_Extracted data entries_.
----
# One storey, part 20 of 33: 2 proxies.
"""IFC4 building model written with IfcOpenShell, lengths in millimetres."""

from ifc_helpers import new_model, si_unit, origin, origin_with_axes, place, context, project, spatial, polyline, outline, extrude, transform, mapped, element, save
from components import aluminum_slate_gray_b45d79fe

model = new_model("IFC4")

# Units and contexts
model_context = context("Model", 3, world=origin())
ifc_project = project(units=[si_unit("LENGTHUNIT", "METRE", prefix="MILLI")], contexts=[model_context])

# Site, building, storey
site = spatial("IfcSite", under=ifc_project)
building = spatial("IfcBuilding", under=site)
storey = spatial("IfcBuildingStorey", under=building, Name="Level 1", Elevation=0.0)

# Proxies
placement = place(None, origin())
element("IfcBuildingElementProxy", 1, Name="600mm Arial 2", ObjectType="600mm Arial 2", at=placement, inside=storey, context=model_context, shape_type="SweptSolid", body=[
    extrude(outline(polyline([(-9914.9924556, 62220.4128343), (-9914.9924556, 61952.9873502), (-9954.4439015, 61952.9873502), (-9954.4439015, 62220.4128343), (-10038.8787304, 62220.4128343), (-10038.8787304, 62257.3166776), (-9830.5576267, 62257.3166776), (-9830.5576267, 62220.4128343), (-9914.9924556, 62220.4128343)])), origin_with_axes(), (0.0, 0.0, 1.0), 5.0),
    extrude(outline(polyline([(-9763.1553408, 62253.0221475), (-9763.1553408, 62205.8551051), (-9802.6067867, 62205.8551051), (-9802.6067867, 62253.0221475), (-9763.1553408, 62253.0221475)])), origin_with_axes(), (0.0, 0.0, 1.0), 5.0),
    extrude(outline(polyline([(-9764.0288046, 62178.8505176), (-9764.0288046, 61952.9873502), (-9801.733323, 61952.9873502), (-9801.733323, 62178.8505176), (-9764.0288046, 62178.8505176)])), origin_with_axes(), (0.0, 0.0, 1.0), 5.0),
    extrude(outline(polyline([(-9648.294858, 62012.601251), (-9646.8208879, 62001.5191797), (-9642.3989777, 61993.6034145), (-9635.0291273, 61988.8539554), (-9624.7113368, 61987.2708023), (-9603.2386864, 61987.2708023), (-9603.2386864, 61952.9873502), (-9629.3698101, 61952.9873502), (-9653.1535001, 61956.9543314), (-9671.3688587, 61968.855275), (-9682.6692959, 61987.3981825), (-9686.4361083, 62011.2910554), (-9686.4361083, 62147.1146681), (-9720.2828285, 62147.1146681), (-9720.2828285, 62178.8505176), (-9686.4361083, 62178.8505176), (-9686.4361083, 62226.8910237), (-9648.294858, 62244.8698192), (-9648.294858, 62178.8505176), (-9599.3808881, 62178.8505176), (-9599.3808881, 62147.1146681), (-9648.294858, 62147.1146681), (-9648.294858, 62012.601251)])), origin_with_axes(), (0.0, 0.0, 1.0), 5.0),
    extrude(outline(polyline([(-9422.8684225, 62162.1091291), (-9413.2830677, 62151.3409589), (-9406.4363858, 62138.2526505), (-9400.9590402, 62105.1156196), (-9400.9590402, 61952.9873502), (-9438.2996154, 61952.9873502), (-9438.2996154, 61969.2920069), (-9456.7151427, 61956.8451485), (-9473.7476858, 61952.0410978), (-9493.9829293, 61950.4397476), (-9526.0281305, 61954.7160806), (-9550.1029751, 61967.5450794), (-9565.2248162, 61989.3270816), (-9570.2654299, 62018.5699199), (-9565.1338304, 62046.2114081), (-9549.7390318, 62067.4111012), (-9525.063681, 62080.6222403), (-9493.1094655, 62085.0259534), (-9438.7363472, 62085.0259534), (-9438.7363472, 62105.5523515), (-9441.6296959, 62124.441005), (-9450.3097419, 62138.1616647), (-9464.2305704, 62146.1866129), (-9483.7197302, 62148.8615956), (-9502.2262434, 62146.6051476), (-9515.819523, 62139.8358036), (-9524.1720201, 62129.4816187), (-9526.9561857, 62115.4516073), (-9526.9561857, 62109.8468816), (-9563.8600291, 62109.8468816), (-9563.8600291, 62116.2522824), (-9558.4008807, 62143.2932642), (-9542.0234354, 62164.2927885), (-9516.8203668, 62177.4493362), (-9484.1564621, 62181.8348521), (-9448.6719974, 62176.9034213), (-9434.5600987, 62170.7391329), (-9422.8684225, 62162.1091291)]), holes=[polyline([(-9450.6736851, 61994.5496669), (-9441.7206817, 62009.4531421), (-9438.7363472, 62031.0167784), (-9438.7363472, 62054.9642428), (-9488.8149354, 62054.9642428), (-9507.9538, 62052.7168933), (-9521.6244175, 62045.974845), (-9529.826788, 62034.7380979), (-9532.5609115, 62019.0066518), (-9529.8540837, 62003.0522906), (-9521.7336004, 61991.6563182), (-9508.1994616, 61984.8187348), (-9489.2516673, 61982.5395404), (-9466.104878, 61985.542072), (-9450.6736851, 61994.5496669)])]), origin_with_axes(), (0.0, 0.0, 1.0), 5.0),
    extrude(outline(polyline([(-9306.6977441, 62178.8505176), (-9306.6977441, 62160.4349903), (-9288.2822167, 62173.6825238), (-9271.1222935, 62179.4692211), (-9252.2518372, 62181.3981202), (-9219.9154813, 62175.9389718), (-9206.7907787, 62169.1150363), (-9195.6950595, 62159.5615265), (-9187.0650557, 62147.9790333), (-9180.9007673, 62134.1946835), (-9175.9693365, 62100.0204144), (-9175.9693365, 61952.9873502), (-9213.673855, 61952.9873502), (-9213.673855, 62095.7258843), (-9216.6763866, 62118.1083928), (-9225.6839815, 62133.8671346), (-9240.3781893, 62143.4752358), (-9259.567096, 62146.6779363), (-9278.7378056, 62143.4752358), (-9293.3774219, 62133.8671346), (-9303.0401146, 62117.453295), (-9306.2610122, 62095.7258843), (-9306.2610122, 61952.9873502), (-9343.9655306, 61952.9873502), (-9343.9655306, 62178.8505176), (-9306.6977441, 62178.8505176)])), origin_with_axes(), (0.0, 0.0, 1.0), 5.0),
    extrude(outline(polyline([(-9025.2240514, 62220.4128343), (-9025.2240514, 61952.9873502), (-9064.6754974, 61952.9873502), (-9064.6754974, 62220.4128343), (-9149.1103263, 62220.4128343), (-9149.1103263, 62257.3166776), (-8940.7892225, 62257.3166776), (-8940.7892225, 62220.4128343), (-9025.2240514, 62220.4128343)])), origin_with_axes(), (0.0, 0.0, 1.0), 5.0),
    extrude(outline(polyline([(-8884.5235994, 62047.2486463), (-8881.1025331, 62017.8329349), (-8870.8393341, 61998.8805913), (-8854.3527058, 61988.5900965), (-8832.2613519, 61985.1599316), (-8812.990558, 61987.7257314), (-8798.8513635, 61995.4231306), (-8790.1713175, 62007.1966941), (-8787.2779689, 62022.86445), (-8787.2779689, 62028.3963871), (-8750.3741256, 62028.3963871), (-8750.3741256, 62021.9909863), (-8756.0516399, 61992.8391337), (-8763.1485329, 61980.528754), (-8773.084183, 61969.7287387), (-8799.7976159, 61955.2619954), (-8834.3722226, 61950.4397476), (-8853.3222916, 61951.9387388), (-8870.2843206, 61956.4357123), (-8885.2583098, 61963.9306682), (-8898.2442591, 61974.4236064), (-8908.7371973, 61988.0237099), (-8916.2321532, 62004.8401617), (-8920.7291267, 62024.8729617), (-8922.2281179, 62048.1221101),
----
_Description of the task_. Reproduce each of the entries exactly, omitting none.

_Response area_.
# One storey, part 20 of 33: 2 proxies.
"""IFC4 building model written with IfcOpenShell, lengths in millimetres."""

from ifc_helpers import new_model, si_unit, origin, origin_with_axes, place, context, project, spatial, polyline, outline, extrude, transform, mapped, element, save
from components import aluminum_slate_gray_b45d79fe

model = new_model("IFC4")

# Units and contexts
model_context = context("Model", 3, world=origin())
ifc_project = project(units=[si_unit("LENGTHUNIT", "METRE", prefix="MILLI")], contexts=[model_context])

# Site, building, storey
site = spatial("IfcSite", under=ifc_project)
building = spatial("IfcBuilding", under=site)
storey = spatial("IfcBuildingStorey", under=building, Name="Level 1", Elevation=0.0)

# Proxies
placement = place(None, origin())
element("IfcBuildingElementProxy", 1, Name="600mm Arial 2", ObjectType="600mm Arial 2", at=placement, inside=storey, context=model_context, shape_type="SweptSolid", body=[
    extrude(outline(polyline([(-9914.9924556, 62220.4128343), (-9914.9924556, 61952.9873502), (-9954.4439015, 61952.9873502), (-9954.4439015, 62220.4128343), (-10038.8787304, 62220.4128343), (-10038.8787304, 62257.3166776), (-9830.5576267, 62257.3166776), (-9830.5576267, 62220.4128343), (-9914.9924556, 62220.4128343)])), origin_with_axes(), (0.0, 0.0, 1.0), 5.0),
    extrude(outline(polyline([(-9763.1553408, 62253.0221475), (-9763.1553408, 62205.8551051), (-9802.6067867, 62205.8551051), (-9802.6067867, 62253.0221475), (-9763.1553408, 62253.0221475)])), origin_with_axes(), (0.0, 0.0, 1.0), 5.0),
    extrude(outline(polyline([(-9764.0288046, 62178.8505176), (-9764.0288046, 61952.9873502), (-9801.733323, 61952.9873502), (-9801.733323, 62178.8505176), (-9764.0288046, 62178.8505176)])), origin_with_axes(), (0.0, 0.0, 1.0), 5.0),
    extrude(outline(polyline([(-9648.294858, 62012.601251), (-9646.8208879, 62001.5191797), (-9642.3989777, 61993.6034145), (-9635.0291273, 61988.8539554), (-9624.7113368, 61987.2708023), (-9603.2386864, 61987.2708023), (-9603.2386864, 61952.9873502), (-9629.3698101, 61952.9873502), (-9653.1535001, 61956.9543314), (-9671.3688587, 61968.855275), (-9682.6692959, 61987.3981825), (-9686.4361083, 62011.2910554), (-9686.4361083, 62147.1146681), (-9720.2828285, 62147.1146681), (-9720.2828285, 62178.8505176), (-9686.4361083, 62178.8505176), (-9686.4361083, 62226.8910237), (-9648.294858, 62244.8698192), (-9648.294858, 62178.8505176), (-9599.3808881, 62178.8505176), (-9599.3808881, 62147.1146681), (-9648.294858, 62147.1146681), (-9648.294858, 62012.601251)])), origin_with_axes(), (0.0, 0.0, 1.0), 5.0),
    extrude(outline(polyline([(-9422.8684225, 62162.1091291), (-9413.2830677, 62151.3409589), (-9406.4363858, 62138.2526505), (-9400.9590402, 62105.1156196), (-9400.9590402, 61952.9873502), (-9438.2996154, 61952.9873502), (-9438.2996154, 61969.2920069), (-9456.7151427, 61956.8451485), (-9473.7476858, 61952.0410978), (-9493.9829293, 61950.4397476), (-9526.0281305, 61954.7160806), (-9550.1029751, 61967.5450794), (-9565.2248162, 61989.3270816), (-9570.2654299, 62018.5699199), (-9565.1338304, 62046.2114081), (-9549.7390318, 62067.4111012), (-9525.063681, 62080.6222403), (-9493.1094655, 62085.0259534), (-9438.7363472, 62085.0259534), (-9438.7363472, 62105.5523515), (-9441.6296959, 62124.441005), (-9450.3097419, 62138.1616647), (-9464.2305704, 62146.1866129), (-9483.7197302, 62148.8615956), (-9502.2262434, 62146.6051476), (-9515.819523, 62139.8358036), (-9524.1720201, 62129.4816187), (-9526.9561857, 62115.4516073), (-9526.9561857, 62109.8468816), (-9563.8600291, 62109.8468816), (-9563.8600291, 62116.2522824), (-9558.4008807, 62143.2932642), (-9542.0234354, 62164.2927885), (-9516.8203668, 62177.4493362), (-9484.1564621, 62181.8348521), (-9448.6719974, 62176.9034213), (-9434.5600987, 62170.7391329), (-9422.8684225, 62162.1091291)]), holes=[polyline([(-9450.6736851, 61994.5496669), (-9441.7206817, 62009.4531421), (-9438.7363472, 62031.0167784), (-9438.7363472, 62054.9642428), (-9488.8149354, 62054.9642428), (-9507.9538, 62052.7168933), (-9521.6244175, 62045.974845), (-9529.826788, 62034.7380979), (-9532.5609115, 62019.0066518), (-9529.8540837, 62003.0522906), (-9521.7336004, 61991.6563182), (-9508.1994616, 61984.8187348), (-9489.2516673, 61982.5395404), (-9466.104878, 61985.542072), (-9450.6736851, 61994.5496669)])]), origin_with_axes(), (0.0, 0.0, 1.0), 5.0),
    extrude(outline(polyline([(-9306.6977441, 62178.8505176), (-9306.6977441, 62160.4349903), (-9288.2822167, 62173.6825238), (-9271.1222935, 62179.4692211), (-9252.2518372, 62181.3981202), (-9219.9154813, 62175.9389718), (-9206.7907787, 62169.1150363), (-9195.6950595, 62159.5615265), (-9187.0650557, 62147.9790333), (-9180.9007673, 62134.1946835), (-9175.9693365, 62100.0204144), (-9175.9693365, 61952.9873502), (-9213.673855, 61952.9873502), (-9213.673855, 62095.7258843), (-9216.6763866, 62118.1083928), (-9225.6839815, 62133.8671346), (-9240.3781893, 62143.4752358), (-9259.567096, 62146.6779363), (-9278.7378056, 62143.4752358), (-9293.3774219, 62133.8671346), (-9303.0401146, 62117.453295), (-9306.2610122, 62095.7258843), (-9306.2610122, 61952.9873502), (-9343.9655306, 61952.9873502), (-9343.9655306, 62178.8505176), (-9306.6977441, 62178.8505176)])), origin_with_axes(), (0.0, 0.0, 1.0), 5.0),
    extrude(outline(polyline([(-9025.2240514, 62220.4128343), (-9025.2240514, 61952.9873502), (-9064.6754974, 61952.9873502), (-9064.6754974, 62220.4128343), (-9149.1103263, 62220.4128343), (-9149.1103263, 62257.3166776), (-8940.7892225, 62257.3166776), (-8940.7892225, 62220.4128343), (-9025.2240514, 62220.4128343)])), origin_with_axes(), (0.0, 0.0, 1.0), 5.0),
    extrude(outline(polyline([(-8884.5235994, 62047.2486463), (-8881.1025331, 62017.8329349), (-8870.8393341, 61998.8805913), (-8854.3527058, 61988.5900965), (-8832.2613519, 61985.1599316), (-8812.990558, 61987.7257314), (-8798.8513635, 61995.4231306), (-8790.1713175, 62007.1966941), (-8787.2779689, 62022.86445), (-8787.2779689, 62028.3963871), (-8750.3741256, 62028.3963871), (-8750.3741256, 62021.9909863), (-8756.0516399, 61992.8391337), (-8763.1485329, 61980.528754), (-8773.084183, 61969.7287387), (-8799.7976159, 61955.2619954), (-8834.3722226, 61950.4397476), (-8853.3222916, 61951.9387388), (-8870.2843206, 61956.4357123), (-8885.2583098, 61963.9306682), (-8898.2442591, 61974.4236064), (-8908.7371973, 61988.0237099), (-8916.2321532, 62004.8401617), (-8920.7291267, 62024.8729617), (-8922.2281179, 62048.1221101),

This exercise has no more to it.